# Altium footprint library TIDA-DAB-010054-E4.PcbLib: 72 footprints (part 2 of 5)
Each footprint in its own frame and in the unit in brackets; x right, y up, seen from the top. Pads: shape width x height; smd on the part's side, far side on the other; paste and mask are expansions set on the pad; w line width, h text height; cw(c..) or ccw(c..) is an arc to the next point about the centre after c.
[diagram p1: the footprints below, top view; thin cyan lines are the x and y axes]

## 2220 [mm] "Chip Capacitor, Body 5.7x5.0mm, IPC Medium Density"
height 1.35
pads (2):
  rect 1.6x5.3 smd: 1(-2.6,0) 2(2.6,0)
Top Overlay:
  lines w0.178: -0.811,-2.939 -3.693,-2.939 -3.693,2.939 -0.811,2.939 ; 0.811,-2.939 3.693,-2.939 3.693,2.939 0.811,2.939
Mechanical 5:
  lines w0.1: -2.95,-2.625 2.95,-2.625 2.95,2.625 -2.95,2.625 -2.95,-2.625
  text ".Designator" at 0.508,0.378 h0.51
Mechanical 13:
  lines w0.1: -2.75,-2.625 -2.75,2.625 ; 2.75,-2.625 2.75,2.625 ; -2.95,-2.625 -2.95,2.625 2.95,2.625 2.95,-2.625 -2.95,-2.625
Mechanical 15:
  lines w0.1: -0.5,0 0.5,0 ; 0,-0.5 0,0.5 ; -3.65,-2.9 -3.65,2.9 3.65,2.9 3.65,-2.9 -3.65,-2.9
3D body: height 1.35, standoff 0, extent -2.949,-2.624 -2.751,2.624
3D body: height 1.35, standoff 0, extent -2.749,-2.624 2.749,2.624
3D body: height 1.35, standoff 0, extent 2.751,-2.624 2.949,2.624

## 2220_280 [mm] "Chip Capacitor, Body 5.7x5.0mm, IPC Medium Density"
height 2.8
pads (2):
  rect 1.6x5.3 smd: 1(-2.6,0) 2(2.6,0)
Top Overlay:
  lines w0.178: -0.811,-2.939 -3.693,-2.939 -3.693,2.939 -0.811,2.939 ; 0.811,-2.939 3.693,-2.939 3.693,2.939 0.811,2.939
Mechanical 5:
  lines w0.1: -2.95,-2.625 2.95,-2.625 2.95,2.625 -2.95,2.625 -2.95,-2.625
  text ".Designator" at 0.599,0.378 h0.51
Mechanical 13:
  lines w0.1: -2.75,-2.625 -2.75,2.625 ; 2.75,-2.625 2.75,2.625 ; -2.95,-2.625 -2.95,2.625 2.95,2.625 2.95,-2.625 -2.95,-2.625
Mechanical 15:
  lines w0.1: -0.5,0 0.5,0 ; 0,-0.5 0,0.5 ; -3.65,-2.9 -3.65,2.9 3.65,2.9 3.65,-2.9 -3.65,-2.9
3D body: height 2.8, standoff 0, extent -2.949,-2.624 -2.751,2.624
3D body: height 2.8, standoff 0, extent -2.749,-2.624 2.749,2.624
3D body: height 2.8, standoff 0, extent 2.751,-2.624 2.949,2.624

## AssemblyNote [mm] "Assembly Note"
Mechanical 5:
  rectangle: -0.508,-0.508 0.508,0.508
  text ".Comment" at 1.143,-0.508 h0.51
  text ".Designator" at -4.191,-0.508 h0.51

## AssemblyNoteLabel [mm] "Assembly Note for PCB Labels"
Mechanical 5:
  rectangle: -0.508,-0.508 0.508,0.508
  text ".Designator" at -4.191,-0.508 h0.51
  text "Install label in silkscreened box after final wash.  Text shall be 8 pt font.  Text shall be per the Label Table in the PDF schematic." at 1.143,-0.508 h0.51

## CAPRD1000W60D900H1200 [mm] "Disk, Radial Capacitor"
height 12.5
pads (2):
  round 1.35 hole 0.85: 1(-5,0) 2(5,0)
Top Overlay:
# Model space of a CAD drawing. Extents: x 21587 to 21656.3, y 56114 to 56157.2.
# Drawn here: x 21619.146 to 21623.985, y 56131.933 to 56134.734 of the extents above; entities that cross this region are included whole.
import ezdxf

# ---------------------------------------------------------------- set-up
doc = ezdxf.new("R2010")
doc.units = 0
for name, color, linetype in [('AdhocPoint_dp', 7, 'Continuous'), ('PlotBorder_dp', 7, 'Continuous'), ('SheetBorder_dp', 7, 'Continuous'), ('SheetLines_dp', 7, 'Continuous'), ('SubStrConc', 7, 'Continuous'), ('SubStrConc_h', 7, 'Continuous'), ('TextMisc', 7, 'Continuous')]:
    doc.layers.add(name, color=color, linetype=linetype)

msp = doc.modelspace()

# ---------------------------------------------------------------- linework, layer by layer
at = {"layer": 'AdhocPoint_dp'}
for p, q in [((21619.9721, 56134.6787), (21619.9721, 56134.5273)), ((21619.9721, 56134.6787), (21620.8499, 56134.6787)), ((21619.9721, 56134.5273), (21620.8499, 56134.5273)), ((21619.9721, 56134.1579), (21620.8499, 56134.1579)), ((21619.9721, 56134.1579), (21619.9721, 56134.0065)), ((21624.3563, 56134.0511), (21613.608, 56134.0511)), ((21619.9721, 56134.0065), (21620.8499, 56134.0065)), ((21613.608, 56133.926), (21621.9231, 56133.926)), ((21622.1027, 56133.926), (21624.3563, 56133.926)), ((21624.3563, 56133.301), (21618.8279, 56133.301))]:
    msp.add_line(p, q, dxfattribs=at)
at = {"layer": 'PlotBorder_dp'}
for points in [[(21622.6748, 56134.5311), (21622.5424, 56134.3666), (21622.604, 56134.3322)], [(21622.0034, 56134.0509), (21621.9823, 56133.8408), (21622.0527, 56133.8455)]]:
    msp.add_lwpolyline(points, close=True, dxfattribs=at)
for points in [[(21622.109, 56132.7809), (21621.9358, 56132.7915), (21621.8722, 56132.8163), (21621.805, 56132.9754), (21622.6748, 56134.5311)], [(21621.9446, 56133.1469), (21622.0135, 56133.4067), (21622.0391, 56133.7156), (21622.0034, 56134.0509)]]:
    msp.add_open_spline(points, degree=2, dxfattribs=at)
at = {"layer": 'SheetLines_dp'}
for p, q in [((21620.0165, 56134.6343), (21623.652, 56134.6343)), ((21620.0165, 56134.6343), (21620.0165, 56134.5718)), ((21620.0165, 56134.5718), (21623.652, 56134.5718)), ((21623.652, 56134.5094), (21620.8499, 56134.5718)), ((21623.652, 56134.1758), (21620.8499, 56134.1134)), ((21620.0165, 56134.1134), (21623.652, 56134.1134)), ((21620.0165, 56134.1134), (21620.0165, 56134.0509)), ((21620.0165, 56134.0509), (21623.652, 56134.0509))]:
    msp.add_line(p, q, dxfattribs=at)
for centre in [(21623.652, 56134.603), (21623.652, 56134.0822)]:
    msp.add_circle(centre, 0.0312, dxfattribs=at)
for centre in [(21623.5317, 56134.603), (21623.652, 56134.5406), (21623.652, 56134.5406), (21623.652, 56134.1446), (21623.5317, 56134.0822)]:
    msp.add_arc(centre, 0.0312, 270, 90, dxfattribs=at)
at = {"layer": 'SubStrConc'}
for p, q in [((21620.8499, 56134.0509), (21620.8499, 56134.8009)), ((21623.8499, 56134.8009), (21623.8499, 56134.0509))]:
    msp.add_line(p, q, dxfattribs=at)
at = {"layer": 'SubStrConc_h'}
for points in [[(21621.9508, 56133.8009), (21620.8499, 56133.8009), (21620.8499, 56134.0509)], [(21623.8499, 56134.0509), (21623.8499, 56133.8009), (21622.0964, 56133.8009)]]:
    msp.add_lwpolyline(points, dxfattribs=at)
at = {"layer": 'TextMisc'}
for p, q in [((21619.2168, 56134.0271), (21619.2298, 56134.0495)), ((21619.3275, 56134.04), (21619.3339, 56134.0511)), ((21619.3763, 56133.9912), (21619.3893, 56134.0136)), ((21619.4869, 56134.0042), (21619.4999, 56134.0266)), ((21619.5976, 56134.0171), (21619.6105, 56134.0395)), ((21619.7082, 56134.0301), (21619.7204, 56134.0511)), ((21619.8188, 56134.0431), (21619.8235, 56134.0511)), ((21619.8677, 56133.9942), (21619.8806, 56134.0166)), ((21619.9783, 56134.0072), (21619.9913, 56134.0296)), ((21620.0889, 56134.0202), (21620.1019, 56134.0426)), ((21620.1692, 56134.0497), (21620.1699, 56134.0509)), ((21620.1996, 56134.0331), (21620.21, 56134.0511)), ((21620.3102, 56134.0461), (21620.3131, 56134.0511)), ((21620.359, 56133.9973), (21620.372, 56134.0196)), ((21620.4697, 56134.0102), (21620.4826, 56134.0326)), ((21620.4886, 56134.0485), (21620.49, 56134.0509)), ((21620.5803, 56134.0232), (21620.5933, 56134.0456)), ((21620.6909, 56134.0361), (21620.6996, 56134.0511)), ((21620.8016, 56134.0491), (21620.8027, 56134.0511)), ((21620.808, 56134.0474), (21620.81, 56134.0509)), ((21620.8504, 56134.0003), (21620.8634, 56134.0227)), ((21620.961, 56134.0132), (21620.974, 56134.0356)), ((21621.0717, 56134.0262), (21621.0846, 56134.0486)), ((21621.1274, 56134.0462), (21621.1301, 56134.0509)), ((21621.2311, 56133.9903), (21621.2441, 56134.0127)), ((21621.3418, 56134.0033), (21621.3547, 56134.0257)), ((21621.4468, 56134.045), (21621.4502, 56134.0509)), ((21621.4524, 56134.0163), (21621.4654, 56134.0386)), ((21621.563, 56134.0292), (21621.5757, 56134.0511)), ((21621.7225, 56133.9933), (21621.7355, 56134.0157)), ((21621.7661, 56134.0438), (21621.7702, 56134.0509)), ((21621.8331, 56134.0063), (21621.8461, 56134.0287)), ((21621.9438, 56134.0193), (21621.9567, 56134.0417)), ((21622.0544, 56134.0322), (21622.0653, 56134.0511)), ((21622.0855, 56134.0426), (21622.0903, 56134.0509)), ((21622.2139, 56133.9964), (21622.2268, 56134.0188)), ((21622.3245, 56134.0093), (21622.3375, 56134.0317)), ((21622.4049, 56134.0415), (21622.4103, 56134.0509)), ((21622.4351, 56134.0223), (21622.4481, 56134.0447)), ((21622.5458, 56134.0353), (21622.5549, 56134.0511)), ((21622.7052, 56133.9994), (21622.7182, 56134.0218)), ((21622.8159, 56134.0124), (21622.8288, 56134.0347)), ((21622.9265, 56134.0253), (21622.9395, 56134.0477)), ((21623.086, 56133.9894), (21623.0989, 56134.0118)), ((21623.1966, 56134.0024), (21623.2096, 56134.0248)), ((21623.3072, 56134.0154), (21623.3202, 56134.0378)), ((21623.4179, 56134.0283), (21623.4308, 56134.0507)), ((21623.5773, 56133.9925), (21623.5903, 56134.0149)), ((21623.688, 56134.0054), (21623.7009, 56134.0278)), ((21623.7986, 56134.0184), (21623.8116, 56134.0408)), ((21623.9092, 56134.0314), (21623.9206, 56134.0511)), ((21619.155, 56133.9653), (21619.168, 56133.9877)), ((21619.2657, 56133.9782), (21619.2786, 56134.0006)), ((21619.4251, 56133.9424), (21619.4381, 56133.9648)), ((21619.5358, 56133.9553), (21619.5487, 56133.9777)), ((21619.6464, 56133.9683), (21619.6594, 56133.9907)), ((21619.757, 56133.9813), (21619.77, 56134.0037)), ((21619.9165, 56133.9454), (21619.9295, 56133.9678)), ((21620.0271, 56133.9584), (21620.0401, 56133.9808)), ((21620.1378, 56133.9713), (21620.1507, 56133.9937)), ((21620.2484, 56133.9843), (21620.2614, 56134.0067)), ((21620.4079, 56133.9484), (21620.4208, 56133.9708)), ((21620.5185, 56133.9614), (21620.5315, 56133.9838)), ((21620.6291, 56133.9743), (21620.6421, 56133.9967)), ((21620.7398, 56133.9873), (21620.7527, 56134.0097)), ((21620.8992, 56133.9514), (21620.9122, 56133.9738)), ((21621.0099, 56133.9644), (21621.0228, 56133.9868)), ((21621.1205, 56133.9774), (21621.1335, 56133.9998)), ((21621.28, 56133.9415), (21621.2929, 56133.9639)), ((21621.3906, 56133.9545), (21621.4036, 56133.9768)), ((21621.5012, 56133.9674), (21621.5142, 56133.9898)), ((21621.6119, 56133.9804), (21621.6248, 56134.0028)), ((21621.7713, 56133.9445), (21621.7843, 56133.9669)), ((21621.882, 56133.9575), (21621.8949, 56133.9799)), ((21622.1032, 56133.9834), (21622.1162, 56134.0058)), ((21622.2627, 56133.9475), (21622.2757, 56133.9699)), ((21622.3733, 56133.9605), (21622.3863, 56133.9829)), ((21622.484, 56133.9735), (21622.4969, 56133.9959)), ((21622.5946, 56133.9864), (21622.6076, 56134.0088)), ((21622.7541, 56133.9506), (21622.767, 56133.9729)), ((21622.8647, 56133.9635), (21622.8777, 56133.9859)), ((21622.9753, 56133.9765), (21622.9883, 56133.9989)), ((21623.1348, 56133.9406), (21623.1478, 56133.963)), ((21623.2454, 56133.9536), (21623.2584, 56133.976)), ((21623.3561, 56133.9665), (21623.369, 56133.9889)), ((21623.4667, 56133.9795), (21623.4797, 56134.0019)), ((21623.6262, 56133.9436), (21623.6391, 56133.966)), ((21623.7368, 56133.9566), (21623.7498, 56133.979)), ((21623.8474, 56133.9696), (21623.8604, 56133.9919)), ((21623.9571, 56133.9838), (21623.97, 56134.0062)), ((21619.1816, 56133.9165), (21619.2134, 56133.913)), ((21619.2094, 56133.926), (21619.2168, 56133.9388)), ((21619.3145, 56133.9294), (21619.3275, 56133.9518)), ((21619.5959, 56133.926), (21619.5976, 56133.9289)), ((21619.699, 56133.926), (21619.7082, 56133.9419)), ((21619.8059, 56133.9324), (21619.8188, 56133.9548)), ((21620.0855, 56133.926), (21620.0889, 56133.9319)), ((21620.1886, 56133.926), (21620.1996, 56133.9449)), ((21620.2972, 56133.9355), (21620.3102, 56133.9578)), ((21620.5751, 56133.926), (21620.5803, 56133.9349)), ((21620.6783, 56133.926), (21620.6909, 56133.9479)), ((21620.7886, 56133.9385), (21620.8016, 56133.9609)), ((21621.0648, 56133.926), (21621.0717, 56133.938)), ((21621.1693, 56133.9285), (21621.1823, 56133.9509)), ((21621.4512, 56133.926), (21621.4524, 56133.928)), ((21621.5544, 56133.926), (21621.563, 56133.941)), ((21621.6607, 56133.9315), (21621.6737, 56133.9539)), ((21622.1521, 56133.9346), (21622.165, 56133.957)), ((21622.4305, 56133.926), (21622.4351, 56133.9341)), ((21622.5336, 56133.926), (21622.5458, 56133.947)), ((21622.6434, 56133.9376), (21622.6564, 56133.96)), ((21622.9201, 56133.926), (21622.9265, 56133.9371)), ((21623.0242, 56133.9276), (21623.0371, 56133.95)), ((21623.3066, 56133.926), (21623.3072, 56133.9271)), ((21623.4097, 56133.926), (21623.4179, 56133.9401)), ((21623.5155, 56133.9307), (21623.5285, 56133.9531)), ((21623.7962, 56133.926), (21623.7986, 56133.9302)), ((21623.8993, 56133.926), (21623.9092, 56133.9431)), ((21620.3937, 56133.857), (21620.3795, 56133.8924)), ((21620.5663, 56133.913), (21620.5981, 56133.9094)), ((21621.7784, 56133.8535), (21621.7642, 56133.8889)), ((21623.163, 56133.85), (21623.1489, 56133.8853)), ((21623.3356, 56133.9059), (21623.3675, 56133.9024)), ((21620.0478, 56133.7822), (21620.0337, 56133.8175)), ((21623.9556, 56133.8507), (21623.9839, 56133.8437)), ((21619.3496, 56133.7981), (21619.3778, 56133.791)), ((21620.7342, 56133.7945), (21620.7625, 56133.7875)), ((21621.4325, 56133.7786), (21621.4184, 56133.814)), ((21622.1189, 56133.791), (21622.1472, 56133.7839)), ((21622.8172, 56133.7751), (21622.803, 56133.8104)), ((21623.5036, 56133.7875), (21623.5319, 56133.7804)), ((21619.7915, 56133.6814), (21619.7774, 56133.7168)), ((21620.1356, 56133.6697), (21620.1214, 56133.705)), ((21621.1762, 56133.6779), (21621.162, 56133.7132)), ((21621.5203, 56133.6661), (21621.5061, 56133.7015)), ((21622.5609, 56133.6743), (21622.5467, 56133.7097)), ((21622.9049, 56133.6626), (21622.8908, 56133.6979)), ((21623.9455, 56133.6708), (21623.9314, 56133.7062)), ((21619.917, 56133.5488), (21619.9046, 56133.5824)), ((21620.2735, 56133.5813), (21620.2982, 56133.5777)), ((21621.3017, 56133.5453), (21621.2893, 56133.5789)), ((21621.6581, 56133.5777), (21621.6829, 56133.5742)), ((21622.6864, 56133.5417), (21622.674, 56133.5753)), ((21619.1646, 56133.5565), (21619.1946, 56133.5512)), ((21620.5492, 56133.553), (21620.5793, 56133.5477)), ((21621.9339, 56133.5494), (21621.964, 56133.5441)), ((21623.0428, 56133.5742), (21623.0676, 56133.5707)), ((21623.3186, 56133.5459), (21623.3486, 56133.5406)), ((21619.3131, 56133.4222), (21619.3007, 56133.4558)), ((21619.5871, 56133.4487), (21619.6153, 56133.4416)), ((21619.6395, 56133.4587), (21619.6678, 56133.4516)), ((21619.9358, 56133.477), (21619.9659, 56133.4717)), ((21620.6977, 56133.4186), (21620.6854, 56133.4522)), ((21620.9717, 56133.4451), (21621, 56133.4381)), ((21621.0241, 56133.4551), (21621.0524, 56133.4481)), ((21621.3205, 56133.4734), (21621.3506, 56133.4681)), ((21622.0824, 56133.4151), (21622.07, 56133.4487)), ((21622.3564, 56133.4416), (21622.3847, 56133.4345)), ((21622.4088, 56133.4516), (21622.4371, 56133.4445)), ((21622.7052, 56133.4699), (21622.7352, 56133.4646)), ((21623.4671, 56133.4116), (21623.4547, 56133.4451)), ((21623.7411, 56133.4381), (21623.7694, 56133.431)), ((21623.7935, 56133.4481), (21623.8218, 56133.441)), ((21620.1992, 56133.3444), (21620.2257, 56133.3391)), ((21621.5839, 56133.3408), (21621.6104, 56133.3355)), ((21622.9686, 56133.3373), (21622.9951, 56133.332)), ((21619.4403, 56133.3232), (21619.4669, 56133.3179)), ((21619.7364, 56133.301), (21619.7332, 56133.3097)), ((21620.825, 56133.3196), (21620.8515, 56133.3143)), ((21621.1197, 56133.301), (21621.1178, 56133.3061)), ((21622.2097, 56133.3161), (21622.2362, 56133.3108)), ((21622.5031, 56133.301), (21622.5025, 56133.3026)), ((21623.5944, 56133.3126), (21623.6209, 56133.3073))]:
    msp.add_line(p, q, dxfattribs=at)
────
■ What needs to be done ■
The word to find is "Designator". Copy every line of the records that holds it.

■ Exercise solution ■
  text ".Designator" at 0.508,0.378 h0.51
  text ".Designator" at 0.599,0.378 h0.51
  text ".Designator" at -4.191,-0.508 h0.51
  text ".Designator" at -4.191,-0.508 h0.51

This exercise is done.